**About this task:**
Go through the data and copy every line in which "ezdxf" appears.

********

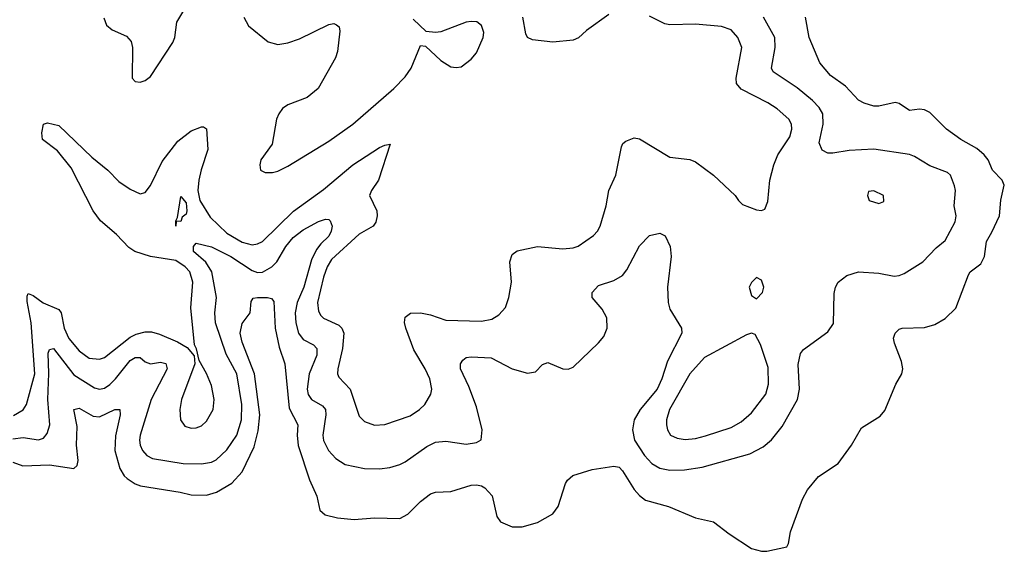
# Model space of a CAD drawing. Header units: inches. Extents: x 1843162 to 1959474, y 907081 to 1016326.
# Tile 407 of 656: x 1903517 to 1907383, y 960594 to 962680. Entities that reach past the tile are written whole.
import ezdxf

# ---------------------------------------------------------------- set-up
doc = ezdxf.new("R2010")
doc.units = ezdxf.units.IN
doc.header["$MEASUREMENT"] = 0
doc.layers.add('B9906', color=7, linetype='Continuous')

msp = doc.modelspace()

# ---------------------------------------------------------------- linework, layer by layer
at = {"layer": 'B9906', "color": 5}
for points, elevation in [([(1903846.6, 962686.6), (1903858.2, 962658.2), (1903880.2, 962640.2), (1903935.6, 962615.6), (1903954.7, 962594.7), (1903959.5, 962570), (1903958.4, 962450), (1903970, 962437.1), (1903990, 962434), (1904010, 962441.7), (1904030, 962456.5), (1904117.7, 962590), (1904125.4, 962610), (1904133.7, 962670), (1904192.7, 962770)], 520), ([(1903490, 960943.1), (1903529.7, 960929.7), (1903633.8, 960933.8), (1903730, 960919.4), (1903742.5, 960930), (1903745.8, 960950), (1903739.9, 961010), (1903743.1, 961083.1), (1903730, 961150.7), (1903750, 961156.2), (1903804.7, 961124.7), (1903830, 961121.8), (1903890, 961150.1), (1903910, 961150.3), (1903910.7, 961130), (1903892.5, 961047.5), (1903890.9, 960990), (1903910, 960918.5), (1903927.1, 960890), (1903939.1, 960879.1), (1903970, 960858.9), (1903991, 960851), (1904146.6, 960826.6), (1904190, 960815.6), (1904250, 960814.5), (1904290, 960825.5), (1904350, 960861), (1904390, 960905.7), (1904436.8, 961003.2), (1904453.3, 961066.7), (1904459.3, 961130), (1904439.3, 961290), (1904390, 961415.1), (1904382.4, 961450), (1904390, 961487.3), (1904422, 961530), (1904425.4, 961574.6), (1904433, 961587), (1904450.8, 961589.2), (1904490, 961589.2), (1904505.5, 961585.5), (1904514.5, 961574.5), (1904519.4, 961470), (1904535.4, 961395.4), (1904558, 961330), (1904575.5, 961155.5), (1904608.8, 961090), (1904606.5, 961050), (1904610.7, 961009.3), (1904654.7, 960874.7), (1904683.5, 960810), (1904695.6, 960755.6), (1904716.7, 960736.7), (1904764.9, 960724.9), (1904830, 960719.2), (1904910, 960725.6), (1905010, 960722.8), (1905040.4, 960739.6), (1905090, 960789.2), (1905130, 960819.6), (1905150, 960826.3), (1905210, 960828), (1905290, 960852.9), (1905310, 960855), (1905330, 960851.3), (1905342.9, 960842.9), (1905371.3, 960811.3), (1905390.3, 960730.3), (1905404.9, 960710), (1905450, 960690.3), (1905490, 960690.3), (1905550, 960707.2), (1905610, 960740.9), (1905630.9, 960769.1), (1905659.7, 960860.3), (1905667.1, 960872.9), (1905689, 960891), (1905764.9, 960915.1), (1905850, 960928.1), (1905870, 960923.8), (1905884.3, 960910), (1905930, 960836.9), (1905950, 960812.4), (1905974, 960794), (1906064.9, 960770), (1906170, 960725.3), (1906241, 960710), (1906302.9, 960662.9), (1906390, 960605.5), (1906430, 960594), (1906450, 960594), (1906528.7, 960611.3), (1906535.3, 960624.7), (1906543.7, 960670), (1906590, 960798.8), (1906610, 960834.9), (1906653.1, 960886.9), (1906730, 960938.7), (1906782.6, 961010), (1906822.2, 961077.8), (1906895.3, 961124.7), (1906914.2, 961145.8), (1906957.3, 961250), (1906980.4, 961290), (1906984.8, 961310), (1906979, 961339), (1906951.1, 961410), (1906948.2, 961430), (1906954.5, 961450), (1906970, 961465.5), (1906982, 961470), (1907070, 961471.5), (1907110, 961483.9), (1907150, 961507.4), (1907192.5, 961547.5), (1907241.9, 961678.1), (1907249.3, 961690.7), (1907290, 961721.8), (1907304.9, 961750), (1907312.4, 961810), (1907334.1, 961845.9), (1907363.4, 961910), (1907368.6, 961971.4), (1907382.8, 962030), (1907374.5, 962050), (1907336.1, 962090), (1907319, 962130), (1907303.4, 962150), (1907274.7, 962174.7), (1907212.5, 962210), (1907156.2, 962250), (1907090, 962315.4), (1907070, 962326.3), (1907050, 962328.4), (1907010, 962323.8), (1906970, 962351), (1906954.6, 962354.6), (1906890, 962340.9), (1906870, 962341), (1906831.9, 962351.9), (1906810, 962363.5), (1906759.2, 962419.2), (1906700.6, 962460.6), (1906658.7, 962510), (1906616.2, 962610), (1906601.8, 962690)], 440), ([(1903490, 961035.2), (1903530, 961040.1), (1903590, 961031.8), (1903610, 961038.2), (1903624.3, 961055.7), (1903635, 961090), (1903627.6, 961190), (1903631.6, 961291.6), (1903628.6, 961371.4), (1903633.9, 961386.1), (1903649.8, 961390.2), (1903730, 961285.9), (1903810, 961235.3), (1903830, 961229.5), (1903850, 961234.2), (1903871.1, 961248.9), (1903893.6, 961270), (1903950, 961342.5), (1903970, 961354.1), (1903990, 961353.9), (1904010, 961337.1), (1904030, 961330.1), (1904070, 961336.1), (1904090.4, 961330.4), (1904096, 961310), (1904033, 961190), (1903990.2, 961050.2), (1903986.8, 961030), (1903989.4, 961010), (1903998.9, 960990), (1904016.1, 960970), (1904037.7, 960957.7), (1904158.1, 960938.1), (1904230, 960936.8), (1904270, 960944.1), (1904287.8, 960952.2), (1904330, 960992.1), (1904370, 961050.2), (1904388.1, 961110), (1904388.6, 961170), (1904369.5, 961290), (1904328, 961368), (1904285.9, 961490), (1904282.7, 961530), (1904289.1, 961590), (1904271.5, 961690), (1904248.2, 961728.2), (1904199.3, 961770), (1904198.6, 961790), (1904210, 961803), (1904270, 961788.7), (1904345.9, 961750), (1904430, 961695.4), (1904450, 961687.2), (1904470, 961689.2), (1904507, 961710), (1904526.7, 961730), (1904561.4, 961790), (1904590, 961824.8), (1904630, 961855), (1904690, 961888), (1904716.9, 961896.9), (1904730, 961896.4), (1904736.4, 961890), (1904743.2, 961870), (1904739.8, 961850), (1904730.6, 961830), (1904699.1, 961800.9), (1904682.5, 961777.5), (1904662.7, 961737.3), (1904632.6, 961630), (1904605.7, 961570), (1904598.3, 961530), (1904601, 961490), (1904611.8, 961450), (1904630, 961425.5), (1904670, 961404.2), (1904683.2, 961390), (1904683.9, 961363.9), (1904653.3, 961290), (1904645.1, 961230), (1904649.1, 961209.1), (1904662.3, 961190), (1904705.3, 961165.3), (1904717.4, 961150), (1904718.8, 961130), (1904707.3, 961050), (1904710, 961028.7), (1904729.2, 960989.2), (1904758, 960958), (1904794.5, 960934.5), (1904870, 960918.5), (1904930, 960917.5), (1904970, 960922.6), (1905010, 960935), (1905030, 960944.5), (1905115.3, 961004.7), (1905150, 961021.6), (1905190, 961025.5), (1905270, 961014.7), (1905310, 961020.2), (1905328.5, 961031.5), (1905332.4, 961070), (1905310, 961161.3), (1905280.5, 961240.5), (1905247.1, 961310), (1905248, 961330), (1905256.6, 961343.4), (1905270, 961354), (1905290, 961357.4), (1905367.4, 961352.6), (1905450, 961310.2), (1905510, 961292.4), (1905542, 961298), (1905570, 961326.4), (1905590, 961335.3), (1905650, 961310.3), (1905670, 961308.9), (1905690, 961316.9), (1905790, 961411.4), (1905810, 961437), (1905823.7, 961470), (1905822.5, 961510), (1905803.9, 961543.9), (1905764, 961590), (1905764, 961610), (1905790, 961636.5), (1905850, 961656.3), (1905884.1, 961675.9), (1905901.1, 961698.9), (1905950, 961792.4), (1905990, 961832.4), (1906030, 961842.4), (1906051.4, 961831.4), (1906071.3, 961790), (1906075, 961750), (1906060.2, 961630), (1906063, 961570), (1906070, 961544.4), (1906114.9, 961470), (1906116.9, 961450), (1906060.4, 961339.6), (1906038.1, 961270), (1906020.1, 961230), (1905953.3, 961150), (1905929.6, 961110), (1905922.9, 961070), (1905931.4, 961030), (1905970, 960970.2), (1905998.4, 960938.4), (1906030, 960920.1), (1906070, 960912.8), (1906126.6, 960913.4), (1906196.3, 960923.7), (1906383.1, 960976.9), (1906435.8, 961004.2), (1906468.3, 961031.7), (1906510, 961084.2), (1906570.5, 961189.5), (1906578.6, 961230), (1906573.1, 961326.9), (1906582.3, 961370), (1906594.7, 961385.3), (1906690, 961455.3), (1906712.7, 961487.3), (1906714.6, 961605.4), (1906720.4, 961630), (1906730.7, 961649.3), (1906763.9, 961676.1), (1906810, 961690.2), (1906890, 961685.5), (1906950, 961673.2), (1906970, 961676.2), (1906990, 961683.6), (1907062.3, 961730), (1907114.8, 961785.2), (1907150, 961814), (1907190, 961886), (1907194.4, 961910), (1907186, 961950), (1907191.2, 962010), (1907187.3, 962027.3), (1907171.5, 962070), (1907159.6, 962079.6), (1907090, 962105.8), (1907030, 962143.2), (1907010, 962150.7), (1906870, 962171.9), (1906773, 962167), (1906710, 962156), (1906690, 962156.5), (1906667.7, 962167.7), (1906656.3, 962196.3), (1906671.5, 962270), (1906670.3, 962310.3), (1906655.8, 962335.8), (1906630, 962362.8), (1906570, 962412.5), (1906474.8, 962474.8), (1906468.4, 962490), (1906483.4, 962570), (1906482.3, 962610), (1906437.5, 962690)], 460), ([(1903492.8, 961127.2), (1903530, 961149.4), (1903544, 961170), (1903575.7, 961290), (1903561.8, 961490), (1903546.4, 961573.6), (1903545.5, 961594.5), (1903550, 961604.9), (1903570, 961597.6), (1903609.1, 961569.1), (1903670, 961542.2), (1903679.5, 961530), (1903692, 961470), (1903710, 961429.4), (1903750, 961380.1), (1903790, 961351.9), (1903830, 961347.3), (1903850, 961354.7), (1903950, 961433.6), (1903974.5, 961445.5), (1904010, 961454.7), (1904034.5, 961454.5), (1904066.2, 961446.2), (1904136.1, 961416.1), (1904173.8, 961393.8), (1904201.4, 961361.4), (1904204.2, 961330), (1904151.6, 961190), (1904145.7, 961150), (1904148.4, 961110), (1904165.3, 961085.3), (1904190, 961077.5), (1904210, 961078.9), (1904230, 961086.7), (1904250, 961104), (1904277, 961150), (1904280.9, 961190), (1904270, 961244.5), (1904250, 961292), (1904222, 961342), (1904211.4, 961388.6), (1904203.8, 961403.8), (1904189.3, 961549.3), (1904196.7, 961650), (1904185, 961690), (1904166.9, 961710), (1904130, 961735), (1904030, 961750), (1903969.4, 961770), (1903945.6, 961785.6), (1903896.5, 961836.5), (1903834.2, 961890), (1903805.9, 961930), (1903718.3, 962098.3), (1903664.6, 962164.6), (1903606.2, 962210), (1903603.6, 962236.4), (1903609.7, 962270.3), (1903625.4, 962274.6), (1903670, 962264.2), (1903800, 962140), (1903862.7, 962090), (1903905.5, 962045.5), (1903950, 962014.6), (1903990, 961997), (1904010, 962002.3), (1904030, 962028.6), (1904076.8, 962123.2), (1904137.2, 962202.8), (1904190, 962243.5), (1904230, 962259.6), (1904238.9, 962258.9), (1904250, 962251), (1904255.3, 962170), (1904228.7, 962091.3), (1904220.3, 962050), (1904216.5, 962010), (1904224, 961970), (1904265.1, 961905.1), (1904330, 961842.5), (1904390, 961807.4), (1904430, 961796.9), (1904450, 961799.8), (1904470, 961810.1), (1904592, 961928), (1904710, 962013.7), (1904824.4, 962110), (1904930, 962178), (1904950, 962188), (1904971.1, 962191.1), (1904925.8, 962050), (1904897.7, 962010), (1904890.2, 961990), (1904918.7, 961930), (1904920.1, 961910), (1904914.8, 961885.2), (1904904.8, 961870), (1904850, 961837.9), (1904741, 961739), (1904724, 961710), (1904710.1, 961670), (1904686, 961570), (1904690, 961536.4), (1904699.7, 961519.7), (1904710, 961508.8), (1904770, 961480.9), (1904782.2, 961470), (1904789.5, 961450), (1904784.6, 961390), (1904765.3, 961310), (1904765.1, 961290), (1904770, 961277.6), (1904815, 961230), (1904850, 961123.7), (1904870, 961103.2), (1904910, 961089.3), (1904950, 961091.1), (1905050, 961125), (1905087.1, 961150), (1905107.4, 961170), (1905131.6, 961210), (1905134.6, 961230), (1905127.7, 961270), (1905109.2, 961310), (1905063.9, 961383.9), (1905033, 961470), (1905028.2, 961491.8), (1905030, 961513), (1905051.6, 961528.4), (1905089.9, 961530.1), (1905130, 961521.9), (1905190, 961501.3), (1905330, 961497.5), (1905370, 961504.9), (1905398.7, 961521.3), (1905423.9, 961550), (1905437.4, 961590), (1905448.2, 961650), (1905441.1, 961730), (1905450, 961758.7), (1905470, 961772.6), (1905550, 961789.3), (1905650, 961780.2), (1905690, 961784.9), (1905710, 961791.5), (1905770, 961833.1), (1905785.7, 961850), (1905795.8, 961870), (1905819.8, 961950), (1905830.6, 962010), (1905857.7, 962070), (1905879.2, 962180.8), (1905885.6, 962194.4), (1905896.4, 962203.6), (1905930, 962216.5), (1905950, 962211.7), (1906070, 962140.9), (1906148.3, 962131.7), (1906170, 962122.4), (1906240.4, 962070), (1906326, 961990), (1906338.8, 961970), (1906355.2, 961955.2), (1906410, 961934), (1906430, 961931), (1906443.1, 961936.9), (1906454.2, 961965.8), (1906461.6, 962050), (1906478, 962110), (1906493.3, 962150), (1906540.3, 962219.7), (1906548.3, 962250), (1906547.2, 962270), (1906536.8, 962290), (1906490.3, 962330.3), (1906454, 962354), (1906350, 962406.9), (1906330.7, 962430), (1906329.9, 962450), (1906351.9, 962570), (1906337, 962610), (1906310, 962639.5), (1906272.9, 962652.9), (1906170, 962661.7), (1906070, 962659.3), (1906050, 962663.8), (1905990, 962694.2)], 480), ([(1904396.6, 962690), (1904415.8, 962655.8), (1904492.4, 962592.4), (1904530, 962582.4), (1904570, 962588.5), (1904614.9, 962605.1), (1904730, 962660.5), (1904750, 962664.2), (1904760.2, 962660.2), (1904771.3, 962651.3), (1904774.1, 962634.1), (1904764.5, 962555.5), (1904756.3, 962530), (1904689.2, 962410), (1904646.1, 962373.9), (1904570, 962346), (1904549, 962331), (1904534, 962310), (1904525.5, 962290), (1904508.7, 962191.3), (1904464.1, 962130), (1904459.1, 962110), (1904462.6, 962090), (1904480.2, 962080.2), (1904510, 962080.2), (1904530, 962085.4), (1904570, 962105.5), (1904730, 962203.4), (1904825, 962270), (1904985.6, 962410), (1905030, 962455.2), (1905054.1, 962490), (1905090, 962579.1), (1905110, 962575.8), (1905170, 962520.2), (1905210, 962495.4), (1905230, 962491.9), (1905250, 962495.2), (1905290, 962524.5), (1905310.5, 962550), (1905336.7, 962610), (1905339.2, 962630), (1905330, 962657.6), (1905311.2, 962671.2), (1905290, 962672.3), (1905269.8, 962669.8), (1905170, 962632.5), (1905149, 962629), (1905113.3, 962633.3), (1905061.3, 962681.3)], 520), ([(1905830, 962700.1), (1905742.4, 962637.6), (1905711, 962609), (1905690, 962599.9), (1905610, 962591), (1905530, 962600.2), (1905510, 962609.8), (1905504.6, 962624.6), (1905491.9, 962690)], 480)]:
    msp.add_lwpolyline(points, dxfattribs=dict(at, elevation=elevation))
for points, elevation in [([(1904150, 961888), (1904130.8, 961889.2), (1904130, 961869.4), (1904129.6, 961890), (1904137, 961903), (1904150, 961986), (1904170, 961960.7), (1904172.6, 961930), (1904170, 961917), (1904155.3, 961904.7)], 460), ([(1906870, 962008.7), (1906850, 962006), (1906846, 961990), (1906852, 961970), (1906890, 961958.8), (1906910, 961966), (1906908.7, 961990)], 480), ([(1906410, 961668), (1906390, 961648), (1906381, 961630), (1906390, 961598), (1906410, 961584.7), (1906434, 961610), (1906439, 961630), (1906430, 961658)], 480), ([(1906390, 961449.4), (1906370, 961442.9), (1906205.8, 961354.2), (1906148.3, 961290), (1906068.2, 961150), (1906056.6, 961110), (1906056.6, 961090), (1906060.2, 961070), (1906071.8, 961050), (1906097.7, 961037.7), (1906130, 961032.2), (1906170, 961036.4), (1906210, 961047.3), (1906310, 961079.8), (1906350, 961101.5), (1906390, 961137.7), (1906446.3, 961210), (1906457.2, 961250), (1906455.1, 961315.1), (1906425.6, 961405.6), (1906404.1, 961444.1)], 480)]:
    msp.add_lwpolyline(points, close=True, dxfattribs=dict(at, elevation=elevation))

doc.saveas('drawing.dxf')

********

**Task response:**
import ezdxf
doc = ezdxf.new("R2010")
doc.units = ezdxf.units.IN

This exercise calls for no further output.